MATERIAL SUPPLIED:
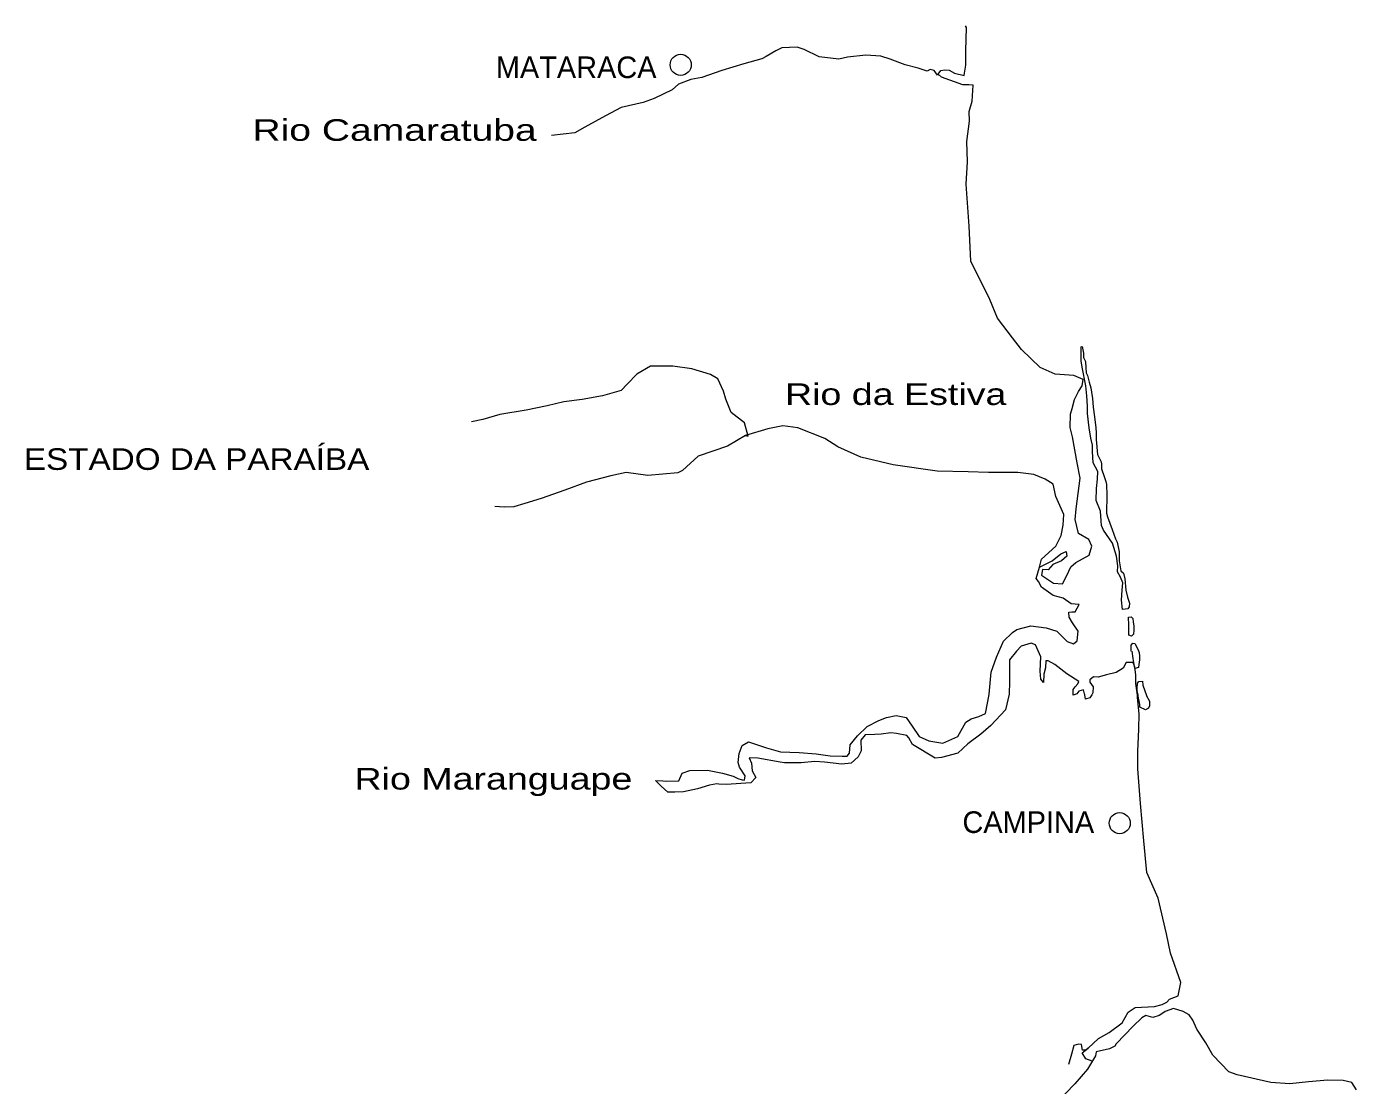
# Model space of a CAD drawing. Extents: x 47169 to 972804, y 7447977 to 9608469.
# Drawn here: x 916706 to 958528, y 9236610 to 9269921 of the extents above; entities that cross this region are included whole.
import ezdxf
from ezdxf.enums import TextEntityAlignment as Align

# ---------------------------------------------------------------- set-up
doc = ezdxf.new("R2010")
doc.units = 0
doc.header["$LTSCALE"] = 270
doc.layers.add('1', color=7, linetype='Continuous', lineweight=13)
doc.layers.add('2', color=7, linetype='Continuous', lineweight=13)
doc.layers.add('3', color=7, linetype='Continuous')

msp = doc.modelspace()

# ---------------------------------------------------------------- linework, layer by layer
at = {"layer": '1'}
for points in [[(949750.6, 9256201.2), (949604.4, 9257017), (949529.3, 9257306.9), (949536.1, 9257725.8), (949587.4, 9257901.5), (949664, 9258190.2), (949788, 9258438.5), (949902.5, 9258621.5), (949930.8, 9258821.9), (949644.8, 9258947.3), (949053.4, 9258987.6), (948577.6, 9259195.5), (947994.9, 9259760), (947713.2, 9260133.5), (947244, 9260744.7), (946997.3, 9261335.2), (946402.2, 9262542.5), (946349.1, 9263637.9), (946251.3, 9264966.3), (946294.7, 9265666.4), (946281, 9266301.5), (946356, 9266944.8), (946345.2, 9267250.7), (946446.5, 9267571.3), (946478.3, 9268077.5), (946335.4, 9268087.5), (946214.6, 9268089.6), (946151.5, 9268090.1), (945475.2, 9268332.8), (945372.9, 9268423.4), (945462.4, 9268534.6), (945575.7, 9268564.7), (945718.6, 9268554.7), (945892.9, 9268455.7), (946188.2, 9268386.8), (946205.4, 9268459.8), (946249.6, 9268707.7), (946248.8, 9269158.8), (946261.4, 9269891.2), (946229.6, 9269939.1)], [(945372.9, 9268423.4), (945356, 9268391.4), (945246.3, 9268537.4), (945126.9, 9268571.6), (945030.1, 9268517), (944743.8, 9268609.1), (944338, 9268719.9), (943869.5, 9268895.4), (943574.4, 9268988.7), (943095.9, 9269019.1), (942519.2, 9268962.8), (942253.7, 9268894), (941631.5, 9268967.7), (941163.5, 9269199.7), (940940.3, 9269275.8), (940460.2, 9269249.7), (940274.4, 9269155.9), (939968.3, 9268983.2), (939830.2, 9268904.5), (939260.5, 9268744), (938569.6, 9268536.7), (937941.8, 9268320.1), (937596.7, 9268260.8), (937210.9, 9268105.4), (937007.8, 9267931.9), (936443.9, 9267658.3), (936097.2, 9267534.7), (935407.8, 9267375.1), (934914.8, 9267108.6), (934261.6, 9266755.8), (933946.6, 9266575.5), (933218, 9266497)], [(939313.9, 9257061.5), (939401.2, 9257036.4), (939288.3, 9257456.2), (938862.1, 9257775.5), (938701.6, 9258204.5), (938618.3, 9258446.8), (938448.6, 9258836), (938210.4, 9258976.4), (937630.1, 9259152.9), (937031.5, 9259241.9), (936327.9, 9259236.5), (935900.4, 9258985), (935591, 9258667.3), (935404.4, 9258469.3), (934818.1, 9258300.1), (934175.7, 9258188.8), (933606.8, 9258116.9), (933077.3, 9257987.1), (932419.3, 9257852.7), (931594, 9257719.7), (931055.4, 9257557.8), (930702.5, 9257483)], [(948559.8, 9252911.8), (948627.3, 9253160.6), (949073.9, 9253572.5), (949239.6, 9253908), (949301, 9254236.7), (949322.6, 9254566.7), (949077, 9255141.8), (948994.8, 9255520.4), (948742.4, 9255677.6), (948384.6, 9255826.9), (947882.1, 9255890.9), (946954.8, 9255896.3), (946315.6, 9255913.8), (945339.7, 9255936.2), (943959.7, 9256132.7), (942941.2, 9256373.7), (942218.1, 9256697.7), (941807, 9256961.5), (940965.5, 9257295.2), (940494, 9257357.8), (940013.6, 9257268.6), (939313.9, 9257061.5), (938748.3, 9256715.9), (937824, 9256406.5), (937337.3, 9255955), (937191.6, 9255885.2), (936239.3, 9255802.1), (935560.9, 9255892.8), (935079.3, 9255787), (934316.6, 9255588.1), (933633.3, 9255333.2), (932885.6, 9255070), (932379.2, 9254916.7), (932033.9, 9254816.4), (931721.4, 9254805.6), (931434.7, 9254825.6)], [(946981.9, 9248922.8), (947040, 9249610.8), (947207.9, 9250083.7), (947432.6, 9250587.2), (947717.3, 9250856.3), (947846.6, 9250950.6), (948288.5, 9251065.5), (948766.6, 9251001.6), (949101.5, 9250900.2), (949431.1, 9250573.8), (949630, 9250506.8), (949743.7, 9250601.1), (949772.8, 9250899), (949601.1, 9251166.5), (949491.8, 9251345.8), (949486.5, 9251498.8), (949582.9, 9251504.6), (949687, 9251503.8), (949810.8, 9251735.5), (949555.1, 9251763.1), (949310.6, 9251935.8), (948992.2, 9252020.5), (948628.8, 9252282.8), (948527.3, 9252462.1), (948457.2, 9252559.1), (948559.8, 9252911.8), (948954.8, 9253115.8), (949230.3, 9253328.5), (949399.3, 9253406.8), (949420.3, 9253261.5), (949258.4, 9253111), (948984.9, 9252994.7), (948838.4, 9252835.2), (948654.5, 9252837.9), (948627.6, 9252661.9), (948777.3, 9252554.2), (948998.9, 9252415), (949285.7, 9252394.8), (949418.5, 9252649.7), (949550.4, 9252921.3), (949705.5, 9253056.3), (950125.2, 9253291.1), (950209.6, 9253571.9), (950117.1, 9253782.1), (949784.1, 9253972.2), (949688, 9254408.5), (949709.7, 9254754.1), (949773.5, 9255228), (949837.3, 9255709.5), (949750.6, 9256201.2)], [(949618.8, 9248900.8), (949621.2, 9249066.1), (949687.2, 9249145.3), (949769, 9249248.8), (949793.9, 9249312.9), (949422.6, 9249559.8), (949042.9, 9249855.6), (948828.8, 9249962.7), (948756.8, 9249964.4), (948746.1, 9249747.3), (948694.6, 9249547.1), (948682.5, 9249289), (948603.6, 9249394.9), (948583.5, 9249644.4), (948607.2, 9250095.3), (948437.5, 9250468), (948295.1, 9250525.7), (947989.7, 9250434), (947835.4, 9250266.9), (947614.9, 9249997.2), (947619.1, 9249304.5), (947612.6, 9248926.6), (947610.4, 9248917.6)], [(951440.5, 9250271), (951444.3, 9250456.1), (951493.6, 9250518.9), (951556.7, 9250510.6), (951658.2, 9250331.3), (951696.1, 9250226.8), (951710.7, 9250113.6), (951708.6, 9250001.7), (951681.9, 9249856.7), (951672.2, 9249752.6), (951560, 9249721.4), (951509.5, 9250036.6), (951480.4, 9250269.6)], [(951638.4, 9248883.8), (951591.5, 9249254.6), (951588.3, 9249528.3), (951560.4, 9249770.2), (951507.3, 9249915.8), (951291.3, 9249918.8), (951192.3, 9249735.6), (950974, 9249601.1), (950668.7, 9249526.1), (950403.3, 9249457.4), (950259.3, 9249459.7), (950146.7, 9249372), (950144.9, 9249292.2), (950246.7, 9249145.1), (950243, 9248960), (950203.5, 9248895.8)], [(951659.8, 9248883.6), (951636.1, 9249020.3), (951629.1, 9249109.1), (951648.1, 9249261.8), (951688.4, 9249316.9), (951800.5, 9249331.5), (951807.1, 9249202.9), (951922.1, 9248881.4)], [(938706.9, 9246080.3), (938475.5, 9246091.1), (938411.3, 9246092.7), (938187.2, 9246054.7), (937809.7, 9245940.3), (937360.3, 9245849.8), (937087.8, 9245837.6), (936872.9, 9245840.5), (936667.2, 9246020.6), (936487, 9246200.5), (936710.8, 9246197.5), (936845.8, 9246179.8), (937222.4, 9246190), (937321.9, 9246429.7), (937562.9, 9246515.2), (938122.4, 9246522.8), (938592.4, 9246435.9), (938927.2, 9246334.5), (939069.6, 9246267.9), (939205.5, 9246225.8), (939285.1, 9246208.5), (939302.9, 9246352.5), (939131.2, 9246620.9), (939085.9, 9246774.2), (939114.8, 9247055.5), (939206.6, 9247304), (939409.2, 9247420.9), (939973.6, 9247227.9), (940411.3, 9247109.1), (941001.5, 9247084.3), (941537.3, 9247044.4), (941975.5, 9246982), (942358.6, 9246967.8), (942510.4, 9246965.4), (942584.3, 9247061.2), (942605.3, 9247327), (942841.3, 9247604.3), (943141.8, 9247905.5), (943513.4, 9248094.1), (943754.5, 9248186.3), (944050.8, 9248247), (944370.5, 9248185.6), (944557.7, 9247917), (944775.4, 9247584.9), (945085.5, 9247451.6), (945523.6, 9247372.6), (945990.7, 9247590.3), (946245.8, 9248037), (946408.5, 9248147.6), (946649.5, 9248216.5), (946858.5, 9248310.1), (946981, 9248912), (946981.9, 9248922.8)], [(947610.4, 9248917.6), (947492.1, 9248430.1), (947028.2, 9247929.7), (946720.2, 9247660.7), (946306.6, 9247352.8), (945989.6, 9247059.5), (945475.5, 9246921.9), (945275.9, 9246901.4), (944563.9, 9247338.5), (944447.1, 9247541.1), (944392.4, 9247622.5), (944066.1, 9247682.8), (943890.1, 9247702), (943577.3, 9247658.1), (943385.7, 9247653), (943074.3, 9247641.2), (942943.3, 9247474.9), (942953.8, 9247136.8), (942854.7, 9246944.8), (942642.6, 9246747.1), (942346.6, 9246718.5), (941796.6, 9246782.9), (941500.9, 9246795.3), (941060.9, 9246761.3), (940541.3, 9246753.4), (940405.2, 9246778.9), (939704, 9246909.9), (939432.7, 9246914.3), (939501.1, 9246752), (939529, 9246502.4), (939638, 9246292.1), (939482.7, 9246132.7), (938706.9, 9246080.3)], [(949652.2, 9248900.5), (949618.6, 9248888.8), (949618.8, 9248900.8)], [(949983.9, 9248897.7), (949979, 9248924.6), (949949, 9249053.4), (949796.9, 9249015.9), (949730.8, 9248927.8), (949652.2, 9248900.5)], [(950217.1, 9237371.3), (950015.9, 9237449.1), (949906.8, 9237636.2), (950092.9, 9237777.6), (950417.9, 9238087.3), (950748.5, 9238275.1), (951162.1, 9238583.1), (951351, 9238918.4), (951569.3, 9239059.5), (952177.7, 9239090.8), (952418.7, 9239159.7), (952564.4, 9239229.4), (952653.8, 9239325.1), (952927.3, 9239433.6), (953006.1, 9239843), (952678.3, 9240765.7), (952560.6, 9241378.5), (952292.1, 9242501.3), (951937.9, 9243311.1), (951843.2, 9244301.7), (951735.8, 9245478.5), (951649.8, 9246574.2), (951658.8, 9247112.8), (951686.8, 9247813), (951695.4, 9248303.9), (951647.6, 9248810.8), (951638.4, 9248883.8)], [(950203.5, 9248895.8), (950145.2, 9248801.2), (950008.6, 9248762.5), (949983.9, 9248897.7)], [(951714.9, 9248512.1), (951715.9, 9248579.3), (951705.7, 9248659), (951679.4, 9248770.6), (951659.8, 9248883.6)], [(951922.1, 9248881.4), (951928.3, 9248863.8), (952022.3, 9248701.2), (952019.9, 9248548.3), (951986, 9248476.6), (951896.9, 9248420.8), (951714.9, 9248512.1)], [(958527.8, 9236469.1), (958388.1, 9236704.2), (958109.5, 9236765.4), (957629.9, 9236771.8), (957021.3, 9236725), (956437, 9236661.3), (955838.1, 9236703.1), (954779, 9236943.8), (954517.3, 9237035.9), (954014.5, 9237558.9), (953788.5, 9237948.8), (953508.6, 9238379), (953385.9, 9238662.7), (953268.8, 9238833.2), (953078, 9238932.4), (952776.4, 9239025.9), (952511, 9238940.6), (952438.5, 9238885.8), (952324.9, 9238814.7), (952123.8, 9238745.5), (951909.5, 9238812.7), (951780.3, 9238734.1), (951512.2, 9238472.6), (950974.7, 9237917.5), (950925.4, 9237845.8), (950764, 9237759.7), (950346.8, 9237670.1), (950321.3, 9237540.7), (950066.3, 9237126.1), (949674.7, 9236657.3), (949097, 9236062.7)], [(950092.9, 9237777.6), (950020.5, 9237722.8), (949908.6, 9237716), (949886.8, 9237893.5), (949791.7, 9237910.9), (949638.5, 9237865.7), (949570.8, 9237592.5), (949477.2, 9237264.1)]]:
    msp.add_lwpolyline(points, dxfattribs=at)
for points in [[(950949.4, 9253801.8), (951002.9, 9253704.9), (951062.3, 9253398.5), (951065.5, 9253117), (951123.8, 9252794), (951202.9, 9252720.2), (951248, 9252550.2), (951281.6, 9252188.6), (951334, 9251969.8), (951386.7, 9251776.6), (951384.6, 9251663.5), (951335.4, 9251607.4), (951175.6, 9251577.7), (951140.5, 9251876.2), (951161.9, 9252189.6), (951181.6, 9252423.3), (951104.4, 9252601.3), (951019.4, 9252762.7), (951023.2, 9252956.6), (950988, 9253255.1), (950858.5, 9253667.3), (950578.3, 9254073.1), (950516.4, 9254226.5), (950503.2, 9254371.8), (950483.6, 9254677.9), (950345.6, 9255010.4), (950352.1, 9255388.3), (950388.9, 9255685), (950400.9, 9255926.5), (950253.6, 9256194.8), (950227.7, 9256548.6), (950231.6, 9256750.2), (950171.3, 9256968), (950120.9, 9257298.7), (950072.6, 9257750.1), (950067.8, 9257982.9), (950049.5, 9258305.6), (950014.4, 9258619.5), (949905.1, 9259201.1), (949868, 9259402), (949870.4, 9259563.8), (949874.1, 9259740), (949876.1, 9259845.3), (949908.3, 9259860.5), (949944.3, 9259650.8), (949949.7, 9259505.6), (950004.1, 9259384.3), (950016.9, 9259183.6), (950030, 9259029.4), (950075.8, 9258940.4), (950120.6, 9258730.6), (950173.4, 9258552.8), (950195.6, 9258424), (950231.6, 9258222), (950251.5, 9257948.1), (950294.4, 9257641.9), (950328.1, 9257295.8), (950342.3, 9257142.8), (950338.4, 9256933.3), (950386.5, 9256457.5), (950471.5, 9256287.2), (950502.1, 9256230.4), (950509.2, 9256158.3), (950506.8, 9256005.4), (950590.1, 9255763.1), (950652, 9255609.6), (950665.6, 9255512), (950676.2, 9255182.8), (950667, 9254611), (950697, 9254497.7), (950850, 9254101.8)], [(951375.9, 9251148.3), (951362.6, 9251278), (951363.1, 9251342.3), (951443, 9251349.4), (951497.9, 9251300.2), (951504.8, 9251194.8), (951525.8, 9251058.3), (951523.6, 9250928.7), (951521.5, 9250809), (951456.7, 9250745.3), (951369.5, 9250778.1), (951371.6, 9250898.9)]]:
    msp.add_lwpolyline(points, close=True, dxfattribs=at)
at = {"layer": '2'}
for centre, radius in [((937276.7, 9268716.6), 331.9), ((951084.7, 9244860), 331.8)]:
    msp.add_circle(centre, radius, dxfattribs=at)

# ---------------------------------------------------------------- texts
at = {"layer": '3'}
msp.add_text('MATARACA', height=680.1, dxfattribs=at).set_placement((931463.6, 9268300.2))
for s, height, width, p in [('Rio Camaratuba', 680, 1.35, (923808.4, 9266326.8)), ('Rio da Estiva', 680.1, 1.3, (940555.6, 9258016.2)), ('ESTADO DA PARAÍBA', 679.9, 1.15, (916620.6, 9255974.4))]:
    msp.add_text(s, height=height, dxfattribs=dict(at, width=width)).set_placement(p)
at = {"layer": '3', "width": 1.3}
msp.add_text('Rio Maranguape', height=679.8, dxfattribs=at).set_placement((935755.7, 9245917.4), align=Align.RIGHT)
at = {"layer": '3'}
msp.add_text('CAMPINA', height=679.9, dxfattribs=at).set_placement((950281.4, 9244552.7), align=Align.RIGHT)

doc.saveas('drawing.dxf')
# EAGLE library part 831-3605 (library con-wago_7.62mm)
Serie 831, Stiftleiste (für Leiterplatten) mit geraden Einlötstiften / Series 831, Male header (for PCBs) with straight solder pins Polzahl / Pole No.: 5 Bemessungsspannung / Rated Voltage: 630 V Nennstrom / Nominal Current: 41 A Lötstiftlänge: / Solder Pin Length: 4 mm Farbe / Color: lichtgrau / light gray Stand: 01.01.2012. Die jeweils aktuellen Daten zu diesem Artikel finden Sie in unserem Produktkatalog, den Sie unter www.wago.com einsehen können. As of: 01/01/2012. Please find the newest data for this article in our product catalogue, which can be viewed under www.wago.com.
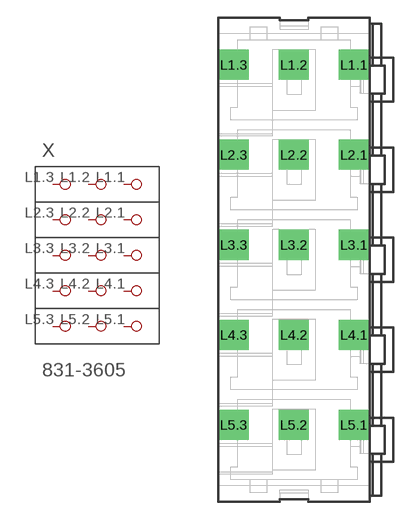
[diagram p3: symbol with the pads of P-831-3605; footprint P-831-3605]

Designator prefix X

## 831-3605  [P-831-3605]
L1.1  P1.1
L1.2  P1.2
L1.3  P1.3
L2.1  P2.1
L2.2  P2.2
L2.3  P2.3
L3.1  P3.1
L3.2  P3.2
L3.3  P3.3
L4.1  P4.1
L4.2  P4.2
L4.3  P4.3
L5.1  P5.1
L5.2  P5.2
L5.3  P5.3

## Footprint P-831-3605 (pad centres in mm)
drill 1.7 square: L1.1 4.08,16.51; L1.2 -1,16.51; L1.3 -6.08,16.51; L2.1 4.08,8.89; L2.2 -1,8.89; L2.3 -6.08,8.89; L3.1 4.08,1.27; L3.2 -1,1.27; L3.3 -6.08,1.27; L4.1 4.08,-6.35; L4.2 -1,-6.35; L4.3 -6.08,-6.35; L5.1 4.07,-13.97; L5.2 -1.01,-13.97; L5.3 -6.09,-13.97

TO DO: Scan the data for lines containing "layers" and copy all of them.

EXERCISE RESULT:
doc.layers.add('1', color=7, linetype='Continuous', lineweight=13)
doc.layers.add('2', color=7, linetype='Continuous', lineweight=13)
doc.layers.add('3', color=7, linetype='Continuous')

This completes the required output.